╔══
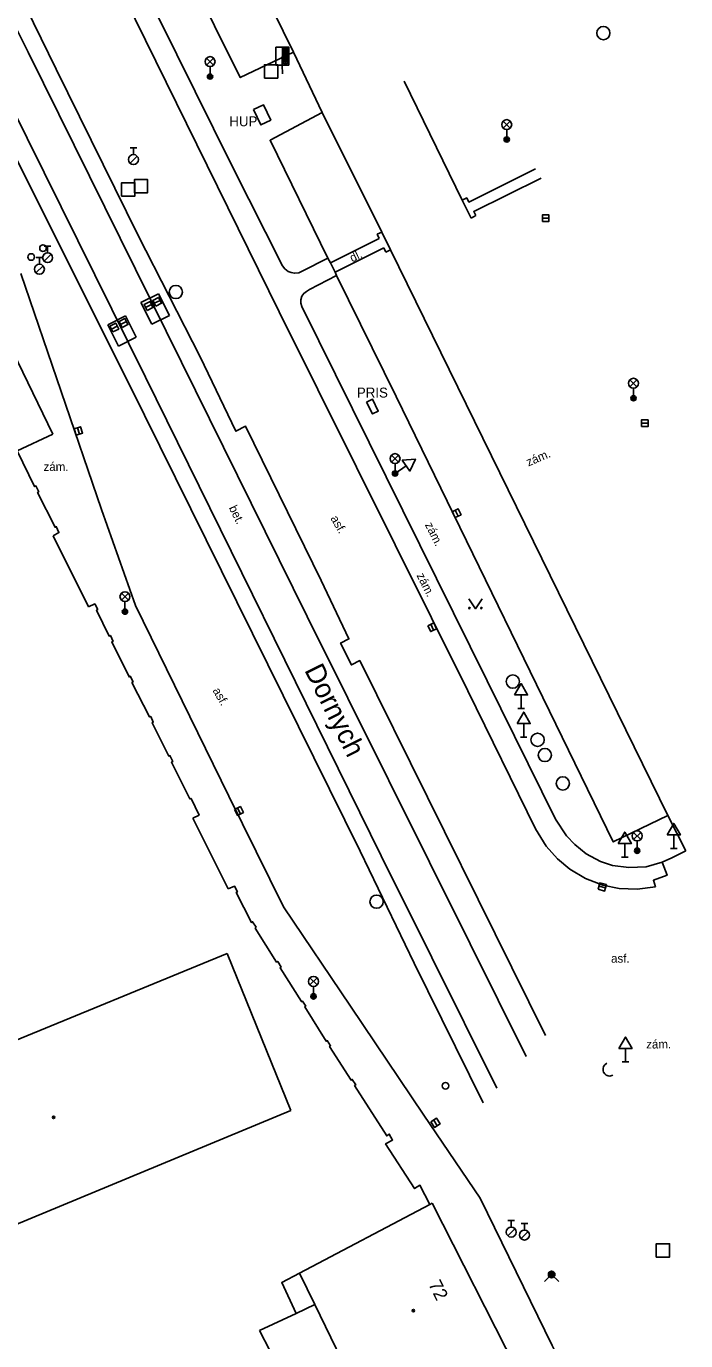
# Model space of a CAD drawing. Extents: x -598341 to -594502, y -1162301 to -1161406.
# Drawn here: x -597409.8 to -597360.1, y -1161848 to -1161748.9 of the extents above; entities that cross this region are included whole.
import ezdxf

# ---------------------------------------------------------------- set-up
doc = ezdxf.new("R2010")
doc.units = 0
for name, color, linetype in [('Vrstva 10', 7, 'Continuous'), ('Vrstva 11', 7, 'Continuous'), ('Vrstva 13', 7, 'Continuous'), ('Vrstva 24', 7, 'Continuous'), ('Vrstva 25', 7, 'Continuous'), ('Vrstva 26', 7, 'Continuous'), ('Vrstva 27', 7, 'Continuous'), ('Vrstva 28', 7, 'Continuous'), ('Vrstva 31', 7, 'Continuous'), ('Vrstva 33', 7, 'Continuous'), ('Vrstva 34', 7, 'Continuous'), ('Vrstva 36', 7, 'Continuous'), ('Vrstva 39', 7, 'Continuous'), ('Vrstva 40', 7, 'Continuous'), ('Vrstva 41', 7, 'Continuous'), ('Vrstva 46', 7, 'Continuous'), ('Vrstva 49', 7, 'Continuous'), ('Vrstva 5', 7, 'Continuous'), ('Vrstva 7', 7, 'Continuous'), ('Vrstva 8', 7, 'Continuous')]:
    doc.layers.add(name, color=color, linetype=linetype)

msp = doc.modelspace()

# ---------------------------------------------------------------- linework, layer by layer
at = {"layer": 'Vrstva 10'}
for p, q in [((-597386.89, -1161766.75), (-597387.07, -1161766.41)), ((-597386.53, -1161767.46), (-597386.89, -1161766.75)), ((-597386.42, -1161767.72), (-597386.53, -1161767.46))]:
    msp.add_line(p, q, dxfattribs=at)
for points in [[(-597389.67, -1161750.87), (-597393.69, -1161752.79), (-597397.56, -1161744.97), (-597401.57, -1161737.23), (-597397.36, -1161735.2)], [(-597371.42, -1161809.44), (-597376.52, -1161799.05), (-597381.99, -1161788.02), (-597390.76, -1161770.46), (-597405.49, -1161740.5), (-597407.78, -1161736.02)], [(-597387.5, -1161755.43), (-597389.67, -1161750.87)], [(-597387.07, -1161766.41), (-597391.44, -1161757.51), (-597387.5, -1161755.43)], [(-597410.23, -1161767.56), (-597404.14, -1161785.35), (-597401.58, -1161792.6), (-597394.55, -1161806.99), (-597390.42, -1161815.33), (-597385.37, -1161822.82), (-597379.83, -1161831.05), (-597375.6, -1161837.3), (-597370.15, -1161848.42), (-597368.22, -1161852.29)], [(-597361.45, -1161808.45), (-597365.56, -1161810.43), (-597381.92, -1161776.84), (-597386.42, -1161767.72)], [(-597360.09, -1161811.11), (-597361.45, -1161808.45)], [(-597371.42, -1161809.44), (-597370.61, -1161810.76), (-597369.75, -1161811.72), (-597368.83, -1161812.49), (-597367.64, -1161813.18), (-597366.34, -1161813.69), (-597365.11, -1161813.94), (-597363.76, -1161813.99), (-597362.36, -1161813.81)], [(-597365.59, -1161828.03), (-597365.81, -1161828.09), (-597365.94, -1161828.07), (-597366.08, -1161828.02), (-597366.2, -1161827.92), (-597366.28, -1161827.8), (-597366.32, -1161827.69), (-597366.32, -1161827.53), (-597366.29, -1161827.38), (-597366.19, -1161827.25), (-597366.04, -1161827.12)]]:
    msp.add_lwpolyline(points, dxfattribs=at)
at = {"layer": 'Vrstva 11'}
for p, q in [((-597381.32, -1161753.06), (-597376.96, -1161762.04)), ((-597383, -1161764.44), (-597387.5, -1161755.43)), ((-597383.2, -1161764.93), (-597386.89, -1161766.75)), ((-597383, -1161764.44), (-597383.36, -1161764.61)), ((-597383.36, -1161764.61), (-597383.2, -1161764.93)), ((-597383, -1161764.44), (-597382.35, -1161765.79)), ((-597386.53, -1161767.46), (-597382.85, -1161765.64)), ((-597382.85, -1161765.64), (-597382.7, -1161765.95)), ((-597382.7, -1161765.95), (-597382.35, -1161765.79)), ((-597361.45, -1161808.45), (-597382.35, -1161765.79)), ((-597387.07, -1161766.41), (-597389.01, -1161767.39)), ((-597388.45, -1161768.77), (-597386.42, -1161767.72)), ((-597401.17, -1161769.76), (-597399.84, -1161769.09)), ((-597400.36, -1161771.39), (-597401.17, -1161769.76)), ((-597399.84, -1161769.09), (-597399.03, -1161770.73)), ((-597403.67, -1161771.43), (-597402.34, -1161770.75)), ((-597402.34, -1161770.75), (-597401.53, -1161772.37)), ((-597399.03, -1161770.73), (-597400.36, -1161771.39)), ((-597402.87, -1161773.04), (-597403.67, -1161771.43)), ((-597401.53, -1161772.37), (-597402.87, -1161773.04))]:
    msp.add_line(p, q, dxfattribs=at)
for points in [[(-597375.36, -1161830.11), (-597380.56, -1161819.58), (-597384.65, -1161811.14), (-597402.07, -1161775.92), (-597412.64, -1161754.81), (-597417.86, -1161744.11), (-597420.13, -1161739.67), (-597423.19, -1161733.58), (-597428.01, -1161724.62)], [(-597370.66, -1161825.04), (-597374.47, -1161817.36), (-597384.67, -1161796.76), (-597385.3, -1161797.08), (-597386.12, -1161795.44), (-597385.49, -1161795.12), (-597387.58, -1161790.72), (-597393.28, -1161779.09), (-597394.01, -1161779.46), (-597396.71, -1161773.85), (-597401.38, -1161764.71), (-597407.57, -1161752.16), (-597411.57, -1161743.95), (-597417.12, -1161732.94), (-597417.69, -1161733.22)], [(-597390.5, -1161766.98), (-597394.33, -1161759.43), (-597404.02, -1161739.8), (-597407.38, -1161733.04), (-597398.74, -1161732.44)], [(-597389.67, -1161750.87), (-597397.36, -1161735.2)], [(-597371.42, -1161759.67), (-597376.44, -1161762.18), (-597376.6, -1161761.86), (-597376.96, -1161762.04)], [(-597375.92, -1161763.2), (-597376.08, -1161762.89), (-597370.98, -1161760.38)], [(-597376.96, -1161762.04), (-597376.28, -1161763.38)], [(-597376.28, -1161763.38), (-597375.92, -1161763.2)], [(-597390.5, -1161766.98), (-597390.32, -1161767.22), (-597390.08, -1161767.41), (-597389.84, -1161767.5), (-597389.6, -1161767.55), (-597389.27, -1161767.51), (-597389.01, -1161767.39)], [(-597389.05, -1161770.06), (-597389.11, -1161769.81), (-597389.12, -1161769.56), (-597389.03, -1161769.28), (-597388.89, -1161769.07), (-597388.7, -1161768.91), (-597388.45, -1161768.77)], [(-597369.9, -1161808.72), (-597375.07, -1161798.28), (-597389.05, -1161770.06)], [(-597361.87, -1161811.97), (-597363.08, -1161812.31), (-597364.37, -1161812.36), (-597365.61, -1161812.22), (-597366.51, -1161811.9), (-597367.59, -1161811.33), (-597368.46, -1161810.63), (-597369.09, -1161809.97), (-597369.9, -1161808.72)], [(-597361.14, -1161811.64), (-597360.09, -1161811.11)], [(-597361.87, -1161811.97), (-597361.49, -1161812.95), (-597362.52, -1161813.32), (-597362.36, -1161813.81)], [(-597361.87, -1161811.97), (-597361.14, -1161811.64)], [(-597389.47, -1161846), (-597390.55, -1161843.65), (-597389.21, -1161842.95)]]:
    msp.add_lwpolyline(points, dxfattribs=at)
at = {"layer": 'Vrstva 13'}
for points in [[(-597372.12, -1161826.62), (-597376.34, -1161818.13), (-597388.64, -1161793.42), (-597398.12, -1161774.25), (-597409.67, -1161750.87), (-597418.39, -1161733.44), (-597422.33, -1161726)], [(-597425.21, -1161726.89), (-597421.25, -1161734.37), (-597415.51, -1161745.76), (-597412.33, -1161752.23), (-597400.82, -1161775.37), (-597383.06, -1161811.47), (-597379.23, -1161819.14), (-597374.33, -1161829)]]:
    msp.add_lwpolyline(points, dxfattribs=at)
at = {"layer": 'Vrstva 24'}
msp.add_lwpolyline([(-597392.69, -1161755.2), (-597391.94, -1161754.84), (-597391.38, -1161756), (-597392.14, -1161756.36), (-597392.69, -1161755.2)], dxfattribs=at)
msp.add_lwpolyline([(-597384.166, -1161777.262), (-597383.723, -1161778.159), (-597383.275, -1161777.937), (-597383.718, -1161777.041)], close=True, dxfattribs=at)
at = {"layer": 'Vrstva 25'}
for p, q in [((-597391.012, -1161751.848), (-597391.012, -1161750.501)), ((-597391.012, -1161750.501), (-597390.511, -1161750.501)), ((-597390.511, -1161751.848), (-597391.012, -1161751.848)), ((-597390.51, -1161752.5), (-597390.511, -1161751.849))]:
    msp.add_line(p, q, dxfattribs=at)
for points in [[(-597390.01, -1161751.849), (-597390.511, -1161751.849), (-597390.51, -1161750.5), (-597390.011, -1161750.5)], [(-597390.11, -1161751.748), (-597390.41, -1161751.749), (-597390.409, -1161750.6), (-597390.111, -1161750.6)], [(-597390.21, -1161751.649), (-597390.31, -1161751.649), (-597390.31, -1161750.7), (-597390.21, -1161750.7)]]:
    msp.add_lwpolyline(points, close=True, dxfattribs=at)
at = {"layer": 'Vrstva 26'}
for points in [[(-597391.86, -1161752.82), (-597390.86, -1161752.82), (-597390.86, -1161751.82), (-597391.86, -1161751.82)], [(-597402.63, -1161761.72), (-597401.63, -1161761.72), (-597401.63, -1161760.72), (-597402.63, -1161760.72)], [(-597401.67, -1161761.48), (-597400.67, -1161761.48), (-597400.67, -1161760.48), (-597401.67, -1161760.48)], [(-597362.31, -1161841.74), (-597361.31, -1161841.74), (-597361.31, -1161840.74), (-597362.31, -1161840.74)]]:
    msp.add_lwpolyline(points, close=True, dxfattribs=at)
at = {"layer": 'Vrstva 27'}
for p, q in [((-597370.9, -1161763.39), (-597370.4, -1161763.39)), ((-597400.174, -1161769.812), (-597399.727, -1161769.588)), ((-597400.824, -1161770.132), (-597400.377, -1161769.908)), ((-597403.404, -1161771.752), (-597402.957, -1161771.528)), ((-597402.714, -1161771.412), (-597402.267, -1161771.188)), ((-597405.97, -1161779.203), (-597405.811, -1161779.677)), ((-597363.43, -1161778.86), (-597362.93, -1161778.86)), ((-597377.481, -1161785.416), (-597377.259, -1161785.864)), ((-597379.321, -1161794.016), (-597379.099, -1161794.464)), ((-597393.891, -1161807.876), (-597393.669, -1161808.324)), ((-597366.621, -1161813.764), (-597366.139, -1161813.896)), ((-597379.092, -1161831.407), (-597378.828, -1161831.832))]:
    msp.add_line(p, q, dxfattribs=at)
for points in [[(-597370.9, -1161763.64), (-597370.4, -1161763.64), (-597370.4, -1161763.14), (-597370.9, -1161763.14)], [(-597400.712, -1161770.355), (-597400.265, -1161770.132), (-597400.488, -1161769.685), (-597400.936, -1161769.908)], [(-597400.062, -1161770.035), (-597399.615, -1161769.812), (-597399.838, -1161769.365), (-597400.286, -1161769.588)], [(-597403.292, -1161771.975), (-597402.845, -1161771.752), (-597403.068, -1161771.305), (-597403.516, -1161771.528)], [(-597402.602, -1161771.635), (-597402.155, -1161771.412), (-597402.378, -1161770.965), (-597402.826, -1161771.188)], [(-597363.43, -1161779.11), (-597362.93, -1161779.11), (-597362.93, -1161778.61), (-597363.43, -1161778.61)], [(-597406.207, -1161779.283), (-597406.047, -1161779.757), (-597405.574, -1161779.597), (-597405.733, -1161779.124)], [(-597377.705, -1161785.527), (-597377.483, -1161785.975), (-597377.035, -1161785.753), (-597377.257, -1161785.305)], [(-597379.545, -1161794.127), (-597379.323, -1161794.575), (-597378.875, -1161794.353), (-597379.097, -1161793.905)], [(-597394.115, -1161807.987), (-597393.893, -1161808.435), (-597393.445, -1161808.213), (-597393.667, -1161807.765)], [(-597366.687, -1161814.005), (-597366.205, -1161814.137), (-597366.072, -1161813.655), (-597366.555, -1161813.523)], [(-597379.304, -1161831.539), (-597379.04, -1161831.964), (-597378.615, -1161831.7), (-597378.879, -1161831.275)]]:
    msp.add_lwpolyline(points, close=True, dxfattribs=at)
for centre in [(-597366.3, -1161749.43), (-597398.54, -1161768.96), (-597373.13, -1161798.34), (-597371.26, -1161802.73), (-597370.71, -1161803.88), (-597369.36, -1161806.02), (-597383.4, -1161814.94)]:
    msp.add_circle(centre, 0.5, dxfattribs=at)
at = {"layer": 'Vrstva 28'}
for p, q in [((-597401.998, -1161759.242), (-597401.468, -1161758.712)), ((-597401.99, -1161758.095), (-597401.49, -1161758.095)), ((-597401.74, -1161758.595), (-597401.74, -1161758.095)), ((-597408.46, -1161765.495), (-597407.96, -1161765.495)), ((-597408.21, -1161765.995), (-597408.21, -1161765.495)), ((-597409.08, -1161766.365), (-597408.58, -1161766.365)), ((-597408.83, -1161766.865), (-597408.83, -1161766.365)), ((-597408.468, -1161766.642), (-597407.938, -1161766.112)), ((-597409.088, -1161767.512), (-597408.558, -1161766.982)), ((-597373.5, -1161838.985), (-597373, -1161838.985)), ((-597373.25, -1161839.485), (-597373.25, -1161838.985)), ((-597372.5, -1161839.205), (-597372, -1161839.205)), ((-597372.25, -1161839.705), (-597372.25, -1161839.205)), ((-597373.508, -1161840.132), (-597372.978, -1161839.602)), ((-597372.508, -1161840.352), (-597371.978, -1161839.822))]:
    msp.add_line(p, q, dxfattribs=at)
for centre, radius in [((-597401.74, -1161758.97), 0.375), ((-597408.56, -1161765.65), 0.25), ((-597409.45, -1161766.32), 0.25), ((-597408.83, -1161767.24), 0.375), ((-597408.21, -1161766.37), 0.375), ((-597378.21, -1161828.82), 0.25), ((-597373.25, -1161839.86), 0.375), ((-597372.25, -1161840.08), 0.375)]:
    msp.add_circle(centre, radius, dxfattribs=at)
at = {"layer": 'Vrstva 31'}
msp.add_lwpolyline([(-597370.73, -1161843.58), (-597370.2, -1161843.05), (-597369.67, -1161843.58)], dxfattribs=at)
for radius in [0.25, 0.18, 0.11]:
    msp.add_circle((-597370.2, -1161843.05), radius, dxfattribs=at)
at = {"layer": 'Vrstva 33'}
for p, q in [((-597396.225, -1161751.85), (-597395.695, -1161751.32)), ((-597396.225, -1161751.32), (-597395.695, -1161751.85)), ((-597395.96, -1161751.96), (-597395.96, -1161752.71)), ((-597373.855, -1161756.6), (-597373.325, -1161756.07)), ((-597373.855, -1161756.07), (-597373.325, -1161756.6)), ((-597373.59, -1161756.71), (-597373.59, -1161757.46)), ((-597364.295, -1161776.11), (-597363.765, -1161775.58)), ((-597364.295, -1161775.58), (-597363.765, -1161776.11)), ((-597364.03, -1161776.22), (-597364.03, -1161776.97)), ((-597382.275, -1161781.79), (-597381.745, -1161781.26)), ((-597382.275, -1161781.26), (-597381.745, -1161781.79)), ((-597382.01, -1161781.9), (-597382.01, -1161782.65)), ((-597402.645, -1161792.2), (-597402.115, -1161791.67)), ((-597402.645, -1161791.67), (-597402.115, -1161792.2)), ((-597402.38, -1161792.31), (-597402.38, -1161793.06)), ((-597364.015, -1161810.24), (-597363.485, -1161809.71)), ((-597364.015, -1161809.71), (-597363.485, -1161810.24)), ((-597363.75, -1161810.35), (-597363.75, -1161811.1)), ((-597388.425, -1161821.22), (-597387.895, -1161820.69)), ((-597388.425, -1161820.69), (-597387.895, -1161821.22)), ((-597388.16, -1161821.33), (-597388.16, -1161822.08))]:
    msp.add_line(p, q, dxfattribs=at)
for centre, radius in [((-597395.96, -1161751.585), 0.375), ((-597395.96, -1161752.71), 0.2), ((-597395.96, -1161752.71), 0.145), ((-597395.96, -1161752.71), 0.0876), ((-597373.59, -1161756.335), 0.375), ((-597373.59, -1161757.46), 0.2), ((-597373.59, -1161757.46), 0.145), ((-597373.59, -1161757.46), 0.0876), ((-597364.03, -1161775.845), 0.375), ((-597364.03, -1161776.97), 0.2), ((-597364.03, -1161776.97), 0.145), ((-597364.03, -1161776.97), 0.0876), ((-597382.01, -1161781.525), 0.375), ((-597382.01, -1161782.65), 0.2), ((-597382.01, -1161782.65), 0.145), ((-597382.01, -1161782.65), 0.0876), ((-597402.38, -1161791.935), 0.375), ((-597402.38, -1161793.06), 0.2), ((-597402.38, -1161793.06), 0.145), ((-597402.38, -1161793.06), 0.0876), ((-597363.75, -1161809.975), 0.375), ((-597363.75, -1161811.1), 0.2), ((-597363.75, -1161811.1), 0.145), ((-597363.75, -1161811.1), 0.0876), ((-597388.16, -1161820.955), 0.375), ((-597388.16, -1161822.08), 0.2), ((-597388.16, -1161822.08), 0.145), ((-597388.16, -1161822.08), 0.0876)]:
    msp.add_circle(centre, radius, dxfattribs=at)
at = {"layer": 'Vrstva 34'}
for p, q in [((-597382.154, -1161782.446), (-597381.866, -1161782.854)), ((-597381.178, -1161782.063), (-597382.01, -1161782.65)), ((-597372.51, -1161799.352), (-597372.51, -1161800.37)), ((-597372.76, -1161800.37), (-597372.26, -1161800.37)), ((-597372.31, -1161801.512), (-597372.31, -1161802.53)), ((-597372.56, -1161802.53), (-597372.06, -1161802.53)), ((-597360.99, -1161809.902), (-597360.99, -1161810.92)), ((-597364.69, -1161810.552), (-597364.69, -1161811.57)), ((-597361.24, -1161810.92), (-597360.74, -1161810.92)), ((-597364.94, -1161811.57), (-597364.44, -1161811.57)), ((-597364.63, -1161826.012), (-597364.63, -1161827.03)), ((-597364.88, -1161827.03), (-597364.38, -1161827.03))]:
    msp.add_line(p, q, dxfattribs=at)
for points in [[(-597381.466, -1161781.654), (-597380.89, -1161782.471), (-597380.472, -1161781.563)], [(-597373.01, -1161799.352), (-597372.01, -1161799.352), (-597372.51, -1161798.486)], [(-597372.81, -1161801.512), (-597371.81, -1161801.512), (-597372.31, -1161800.646)], [(-597361.49, -1161809.902), (-597360.49, -1161809.902), (-597360.99, -1161809.036)], [(-597365.19, -1161810.552), (-597364.19, -1161810.552), (-597364.69, -1161809.686)], [(-597365.13, -1161826.012), (-597364.13, -1161826.012), (-597364.63, -1161825.146)]]:
    msp.add_lwpolyline(points, close=True, dxfattribs=at)
at = {"layer": 'Vrstva 36'}
msp.add_lwpolyline([(-597376.45, -1161792.1), (-597375.95, -1161792.85), (-597375.45, -1161792.1)], dxfattribs=at)
for centre in [(-597376.4, -1161792.8), (-597375.501, -1161792.8)]:
    msp.add_circle(centre, 0.05, dxfattribs=at)
at = {"layer": 'Vrstva 39'}
for centre, radius in [((-597407.76, -1161831.21), 0.09), ((-597407.76, -1161831.21), 0.0398), ((-597380.63, -1161845.78), 0.09), ((-597380.63, -1161845.78), 0.0398)]:
    msp.add_circle(centre, radius, dxfattribs=at)
at = {"layer": 'Vrstva 5'}
for p, q in [((-597411.2, -1161772.67), (-597407.83, -1161779.67)), ((-597407.83, -1161779.67), (-597410.5, -1161780.95)), ((-597413.86, -1161826.74), (-597394.67, -1161818.85)), ((-597394.67, -1161818.85), (-597389.86, -1161830.69)), ((-597389.86, -1161830.69), (-597423.14, -1161844.49)), ((-597389.21, -1161842.95), (-597379.39, -1161837.77)), ((-597379.39, -1161837.77), (-597379.22, -1161837.68)), ((-597379.22, -1161837.68), (-597372.84, -1161850.2)), ((-597388.06, -1161845.31), (-597389.21, -1161842.95)), ((-597392.24, -1161847.28), (-597389.47, -1161846)), ((-597388.06, -1161845.31), (-597389.47, -1161846)), ((-597384.67, -1161852.29), (-597388.06, -1161845.31)), ((-597389.7, -1161852.15), (-597392.24, -1161847.28))]:
    msp.add_line(p, q, dxfattribs=at)
at = {"layer": 'Vrstva 7'}
for points in [[(-597410.5, -1161780.95), (-597409.19, -1161783.64), (-597409.1, -1161783.59), (-597408.88, -1161784.02), (-597408.97, -1161784.07), (-597407.65, -1161786.7), (-597407.56, -1161786.65), (-597407.36, -1161787.1), (-597407.79, -1161787.34)], [(-597405.13, -1161792.71), (-597404.66, -1161792.48), (-597404.43, -1161792.9), (-597404.52, -1161792.95), (-597403.57, -1161794.91), (-597403.48, -1161794.87), (-597403.28, -1161795.31), (-597403.37, -1161795.35), (-597402.07, -1161797.99), (-597401.98, -1161797.94), (-597401.76, -1161798.37), (-597401.85, -1161798.42), (-597400.53, -1161801.01), (-597400.44, -1161800.97), (-597400.24, -1161801.4), (-597400.33, -1161801.44), (-597399.08, -1161803.96), (-597398.99, -1161803.92), (-597398.78, -1161804.38), (-597398.87, -1161804.42), (-597397.48, -1161807.19), (-597397.39, -1161807.15), (-597396.79, -1161808.41), (-597397.25, -1161808.63)], [(-597394.59, -1161813.97), (-597394.13, -1161813.76), (-597393.9, -1161814.2), (-597393.99, -1161814.24), (-597392.84, -1161816.5), (-597392.75, -1161816.45), (-597392.49, -1161816.87), (-597392.57, -1161816.93), (-597390.94, -1161819.5), (-597390.86, -1161819.45), (-597390.6, -1161819.87), (-597390.68, -1161819.92), (-597389.07, -1161822.48), (-597388.99, -1161822.43), (-597388.74, -1161822.81), (-597388.82, -1161822.86), (-597387.2, -1161825.46), (-597387.12, -1161825.41), (-597386.87, -1161825.8), (-597386.95, -1161825.85), (-597385.32, -1161828.39), (-597385.24, -1161828.34), (-597384.98, -1161828.76), (-597385.06, -1161828.81), (-597382.63, -1161832.6), (-597382.45, -1161832.47), (-597382.2, -1161832.92), (-597382.72, -1161833.21), (-597380.54, -1161836.58), (-597380.13, -1161836.32), (-597379.39, -1161837.77)]]:
    msp.add_lwpolyline(points, dxfattribs=at)
at = {"layer": 'Vrstva 8'}
for p, q in [((-597405.13, -1161792.71), (-597407.79, -1161787.34)), ((-597394.59, -1161813.97), (-597397.25, -1161808.63))]:
    msp.add_line(p, q, dxfattribs=at)

# ---------------------------------------------------------------- texts
at = {"layer": 'Vrstva 40'}
for s, height, rotation, p in [(' dl.', 0.6499, 26.3154, (-597385.45, -1161766.84)), ('zám.', 0.65, 22.97004, (-597371.95, -1161782.12)), ('bet.', 0.65, 296.29791, (-597394.56, -1161785.24)), ('asf.', 0.65, 299.67996, (-597386.9, -1161786.03)), ('zám.', 0.65, 296.34782, (-597379.77, -1161786.51)), ('zám.', 0.65, 296.34782, (-597380.4, -1161790.33)), ('asf.', 0.65, 299.67996, (-597395.79, -1161799.01))]:
    msp.add_text(s, height=height, rotation=rotation, dxfattribs=at).set_placement(p)
for s, p in [('zám.', (-597408.52, -1161782.46)), ('asf.', (-597365.72, -1161819.54)), ('zám.', (-597363.07, -1161826.01))]:
    msp.add_text(s, height=0.65, dxfattribs=at).set_placement(p)
at = {"layer": 'Vrstva 41'}
for s, p in [('HUP', (-597394.51, -1161756.46)), ('PRIS', (-597384.89, -1161776.92))]:
    msp.add_text(s, height=0.75, dxfattribs=at).set_placement(p)
at = {"layer": 'Vrstva 46'}
msp.add_text('72', height=1, rotation=296.39, dxfattribs=at).set_placement((-597379.52, -1161843.78))
at = {"layer": 'Vrstva 49'}
msp.add_text('Dornych', height=1.5, rotation=296.39, dxfattribs=at).set_placement((-597388.87, -1161797.47))

doc.saveas('drawing.dxf')
╚══
REQUIREMENT
Pictures stay out. Print the data exactly, from its first line through the line containing "doc.units = 0".

ANSWER SECTION
# Model space of a CAD drawing. Extents: x -598341 to -594502, y -1162301 to -1161406.
# Drawn here: x -597409.8 to -597360.1, y -1161848 to -1161748.9 of the extents above; entities that cross this region are included whole.
import ezdxf

# ---------------------------------------------------------------- set-up
doc = ezdxf.new("R2010")
doc.units = 0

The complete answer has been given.